Growth hormone (GH) and insulin-like growth factor 1 (IGF-1) have major roles in metabolic regulation, reproduction and ageing. GH is produced by the anterior pituitary gland in response to growth hormone–releasing hormone (GHRH), which is released by the hypothalamus as a normal reflection of multiple features, such as hypoglycaemia, low free fatty acids in the blood, high amino acids, good exercise and sleep [2]. All these features are diminished in adult subjects with high BMI [3]. Following an increase in BMI, GH secretion is reduced, and lipid metabolism is disturbed, leading to increased T2D and cardiovascular disease risk [4]. IGF-1 reflects GH levels and mediates its growth effects, while the metabolic effects of GH, including stimulation of lipolysis and inhibition of insulin signalling in fat and muscle, are induced directly through the GH receptor [5]. IGF-1 in the circulation binds to IGF-binding proteins (IGFBPs). These IGFBPs act as transporter proteins, modulate IGF-1 actions and regulate its clearance [6]. In obesity, non-esterified fatty acids and insulin inhibit IGFBP production, which increases free IGF-1 in circulation [7].
IGFBP-2 is one of the most abundant IGFBPs and is responsible for several cellular processes, such as cell proliferation, migration, and adhesion, which play a significant role in cancer establishment and progression [8, 9]. It is secreted by differentiating preadipocytes. Plasma IGFBP-2 level can be used as a biomarker of insulin sensitivity, as it helps in glucose metabolism by improving insulin sensitivity [10]. Increased IGFBP-2 has had a strong negative association with the risk of T2D and BMI [11, 12]. Lower circulating levels of IGFBP-2 have been linked with an increased risk of developing metabolic syndrome and increased levels of triglyceride-rich particles [13].
Bariatric surgery is an effective treatment for severe obesity that leads to the improvement and remission of many obesity-related comorbidities, sustained weight loss over time, improvement in quality of life and prolonged survival [14, 15]. Bariatric surgery reduces body weight and improves glycaemic control through reduced nutrient intake and malabsorption. However, other mechanisms, such as changes in the secretion and activity of hormones and neurotransmitters involved in appetite, energy expenditure and glucose metabolism, also add to the beneficial effects of bariatric surgery [16, 17].

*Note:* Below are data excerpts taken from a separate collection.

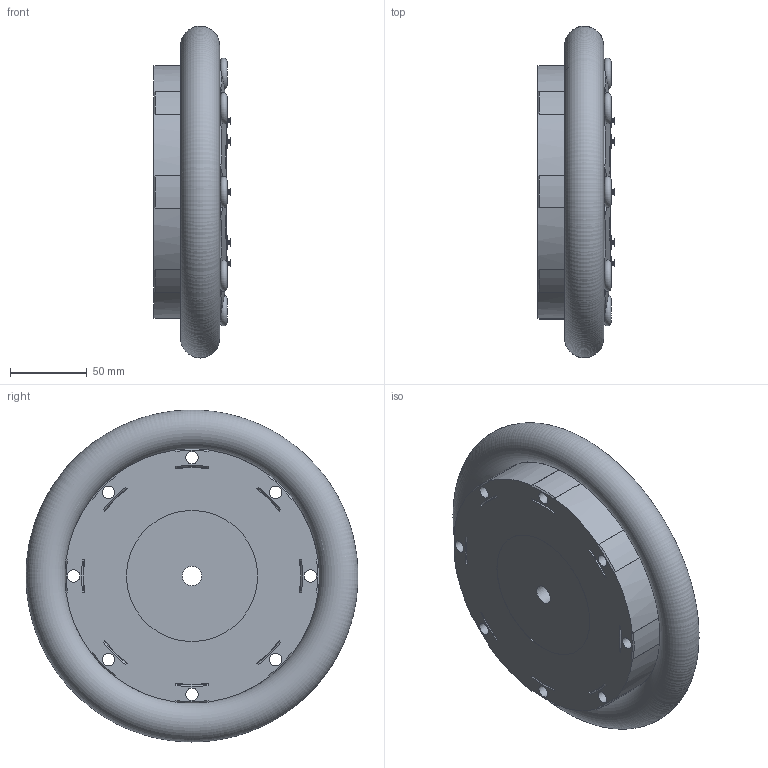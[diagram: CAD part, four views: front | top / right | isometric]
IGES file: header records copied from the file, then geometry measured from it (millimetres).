
Start section: C
Global section: file name: TILTON 6553HSG-P.igs; native system: By Siemens PLM Incorporated; preprocessor: XPlus GENERIC/IGES 16.0.42; author: Author; organization: Title; date: 20150129.152657; units: inch
Bounding box: 49.82 x 216.71 x 216.74 mm (x, y, z)
Surface area: 522101.3 mm2 (no closed solid volume)
Topology: 0 solids, 9 shells, 827 faces, 2405 edges, 1594 vertices
Faces by surface type: cylinder 403, plane 356, torus 34, cone 34
Full cylindrical faces by diameter (mm): 0.508 x8, 4.902 x8, 8.077 x8, 9.169 x8, 12.7 x1, 71.095 x1, 85.674 x1, 87.376 x1, 142.697 x1
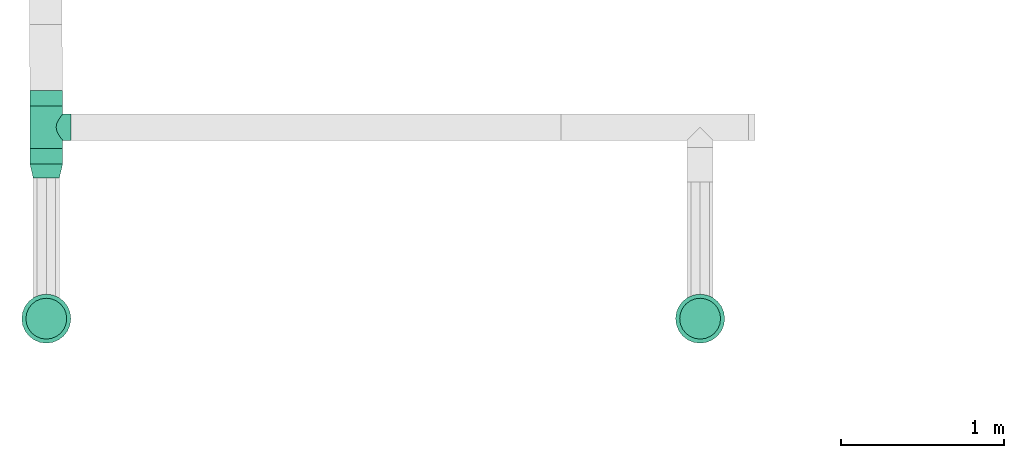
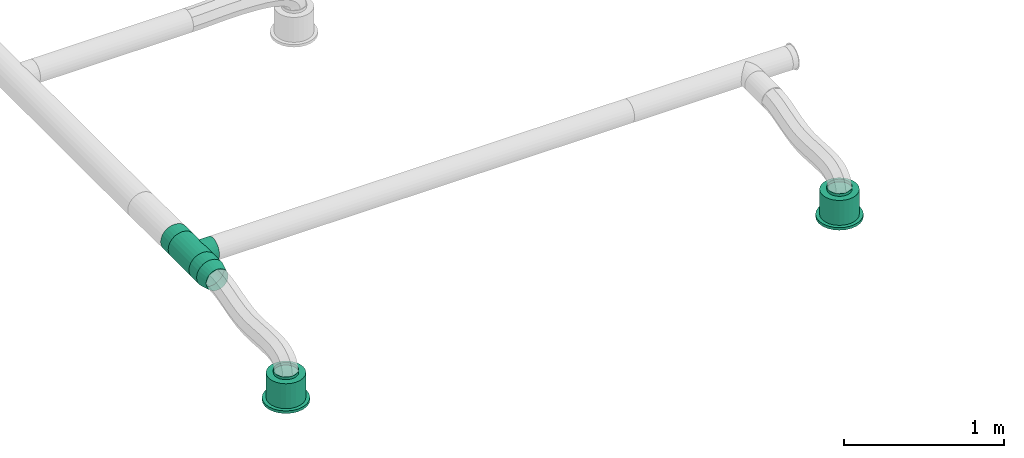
# One storey, part 7 of 119: 2 flow fittings, 2 flow segments, 2 flow terminals.
"""IFC2X3 building model written with IfcOpenShell, lengths in metres."""

from ifc_helpers import new_model, si_unit, direction, frame, origin, place, context, subcontext, project, spatial, open_shell, surface_model, source, transform, mapped, element, save


model = new_model("IFC2X3")

# Units and contexts
model_context = context("Model", 3, precision=1e-05, world=origin(), true_north=direction((-0.4480736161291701, 0.8939966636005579)))
body_context = subcontext(model_context, "Body", "Model", "MODEL_VIEW")
ifc_project = project(units=[si_unit("LENGTHUNIT", "METRE"), si_unit("AREAUNIT", "SQUARE_METRE"), si_unit("VOLUMEUNIT", "CUBIC_METRE"), si_unit("PLANEANGLEUNIT", "RADIAN"), si_unit("THERMODYNAMICTEMPERATUREUNIT", "KELVIN"), si_unit("MASSUNIT", "GRAM", prefix="KILO"), si_unit("TIMEUNIT", "SECOND")], contexts=[model_context])

# Site, building, storey
site_placement = place(None, origin())
site = spatial("IfcSite", under=ifc_project, at=site_placement, Name="Site 1", CompositionType="ELEMENT")
building_placement = place(site_placement, origin())
building = spatial("IfcBuilding", under=site, at=building_placement, Name="Undefined", CompositionType="ELEMENT")
storey_placement = place(building_placement, frame((0.0, 0.0, 5.4)))
storey = spatial("IfcBuildingStorey", under=building, at=storey_placement, Name="R+1", CompositionType="ELEMENT", Elevation=5.4)

# Flow terminals
shared_shape_1 = source(origin(), body_context, "Body", "SurfaceModel", [
    surface_model("IfcFaceBasedSurfaceModel", [(0.0, 0.0, 0.0), (0.03915785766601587, 0.0, 0.0), (0.03915785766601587, 0.020000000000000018, 0.0), (3.552713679e-15, 0.020000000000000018, 0.0), (0.07698144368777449, 0.0, -0.010134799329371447), (0.07698144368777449, 0.020000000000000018, -0.010134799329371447), (0.11089314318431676, 0.0, -0.02971372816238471), (0.11089314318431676, 0.020000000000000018, -0.02971372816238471), (0.13858192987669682, 0.0, -0.05740251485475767), (0.13858192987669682, 0.020000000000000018, -0.05740251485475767), (0.15816085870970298, 0.0, -0.09131421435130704), (0.15816085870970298, 0.020000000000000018, -0.09131421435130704), (0.16829565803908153, 0.0, -0.12913780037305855), (0.16829565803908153, 0.020000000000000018, -0.12913780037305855), (0.16829565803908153, 0.0, -0.16829565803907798), (0.16829565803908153, 0.020000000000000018, -0.16829565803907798), (0.15816085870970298, 0.0, -0.20611924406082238), (0.15816085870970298, 0.020000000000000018, -0.20611924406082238), (0.13858192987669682, 0.0, -0.24003094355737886), (0.13858192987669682, 0.020000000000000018, -0.24003094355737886), (0.11089314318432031, 0.0, -0.2677197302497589), (0.11089314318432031, 0.020000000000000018, -0.2677197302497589), (0.07698144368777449, 0.0, -0.2872986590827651), (0.07698144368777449, 0.020000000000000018, -0.2872986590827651), (0.039157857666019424, 0.0, -0.29743345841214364), (0.039157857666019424, 0.020000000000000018, -0.29743345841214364), (3.552713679e-15, 0.0, -0.29743345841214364), (3.552713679e-15, 0.020000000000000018, -0.29743345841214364), (-0.03782358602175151, 0.0, -0.2872986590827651), (-0.03782358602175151, 0.020000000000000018, -0.2872986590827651), (-0.07173528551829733, 0.0, -0.2677197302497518), (-0.07173528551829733, 0.020000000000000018, -0.2677197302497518), (-0.0994240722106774, 0.0, -0.24003094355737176), (-0.0994240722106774, 0.020000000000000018, -0.24003094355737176), (-0.11900300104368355, 0.0, -0.2061192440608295), (-0.11900300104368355, 0.020000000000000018, -0.2061192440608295), (-0.1291378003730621, 0.0, -0.16829565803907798), (-0.1291378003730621, 0.020000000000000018, -0.16829565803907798), (-0.1291378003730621, 0.0, -0.12913780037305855), (-0.1291378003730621, 0.020000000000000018, -0.12913780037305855), (-0.11900300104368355, 0.0, -0.09131421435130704), (-0.11900300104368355, 0.020000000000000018, -0.09131421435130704), (-0.0994240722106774, 0.0, -0.05740251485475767), (-0.0994240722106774, 0.020000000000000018, -0.05740251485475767), (-0.07173528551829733, 0.0, -0.029713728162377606), (-0.07173528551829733, 0.020000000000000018, -0.029713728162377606), (-0.03782358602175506, 0.0, -0.010134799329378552), (-0.03782358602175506, 0.020000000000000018, -0.010134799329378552), (0.019578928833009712, 0.0, -0.14871672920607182), (0.019578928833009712, 0.020000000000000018, -0.14871672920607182), (0.003263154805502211, 0.020000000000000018, -0.02478612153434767), (0.035894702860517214, 0.020000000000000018, -0.02478612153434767), (0.035894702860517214, 0.20999999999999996, -0.02478612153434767), (0.003263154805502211, 0.20999999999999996, -0.02478612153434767), (0.06741435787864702, 0.020000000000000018, -0.033231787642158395), (0.06741435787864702, 0.20999999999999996, -0.033231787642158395), (0.0956741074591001, 0.020000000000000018, -0.04954756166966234), (0.0956741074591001, 0.20999999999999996, -0.04954756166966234), (0.11874809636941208, 0.020000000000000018, -0.07262155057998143), (0.11874809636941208, 0.20999999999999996, -0.07262155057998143), (0.13506387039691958, 0.020000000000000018, -0.10088130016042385), (0.13506387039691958, 0.20999999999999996, -0.10088130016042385), (0.1435095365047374, 0.020000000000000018, -0.13240095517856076), (0.1435095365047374, 0.20999999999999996, -0.13240095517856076), (0.1435095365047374, 0.020000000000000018, -0.16503250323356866), (0.1435095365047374, 0.20999999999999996, -0.16503250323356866), (0.13506387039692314, 0.020000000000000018, -0.19655215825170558), (0.13506387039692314, 0.20999999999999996, -0.19655215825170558), (0.11874809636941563, 0.020000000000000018, -0.2248119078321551), (0.11874809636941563, 0.20999999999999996, -0.2248119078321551), (0.09567410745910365, 0.020000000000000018, -0.24788589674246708), (0.09567410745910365, 0.20999999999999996, -0.24788589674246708), (0.06741435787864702, 0.020000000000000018, -0.26420167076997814), (0.06741435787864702, 0.20999999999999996, -0.26420167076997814), (0.035894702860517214, 0.020000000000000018, -0.27264733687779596), (0.035894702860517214, 0.20999999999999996, -0.27264733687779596), (0.0032631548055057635, 0.020000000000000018, -0.27264733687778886), (0.0032631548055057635, 0.20999999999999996, -0.27264733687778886), (-0.028256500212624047, 0.020000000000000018, -0.26420167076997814), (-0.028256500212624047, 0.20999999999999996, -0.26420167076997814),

The underlying mechanisms of how bariatric surgery influences the physiological metabolic process pre- and post-surgery are not fully understood. Therefore, the aim of this study was to assess the activity of the GH/IGF-1 axis and IGFBP-2 levels in obese patients before and 6–12 months after gastric sleeve surgery and their correlations with other anthropometric parameters and lipid profile.
Methods
Subjects
This study was conducted in the Departments of Physiology and Surgery, College of Medicine and Obesity Research Centre, King Khalid University Hospital, King Saud University. This study included 33 healthy male subjects aged 25 to 50 years with obesity grades II & III who qualified for laparoscopic sleeve gastrectomy, were not taking medications, did not have severe postoperative complications, and had complete data at the 12-month postoperative follow-up. Informed written consent was signed by all the participants. This study was approved by the Institutional Review Board, College of Medicine, King Saud University, Riyadh, Saudi Arabia (E-17-2652).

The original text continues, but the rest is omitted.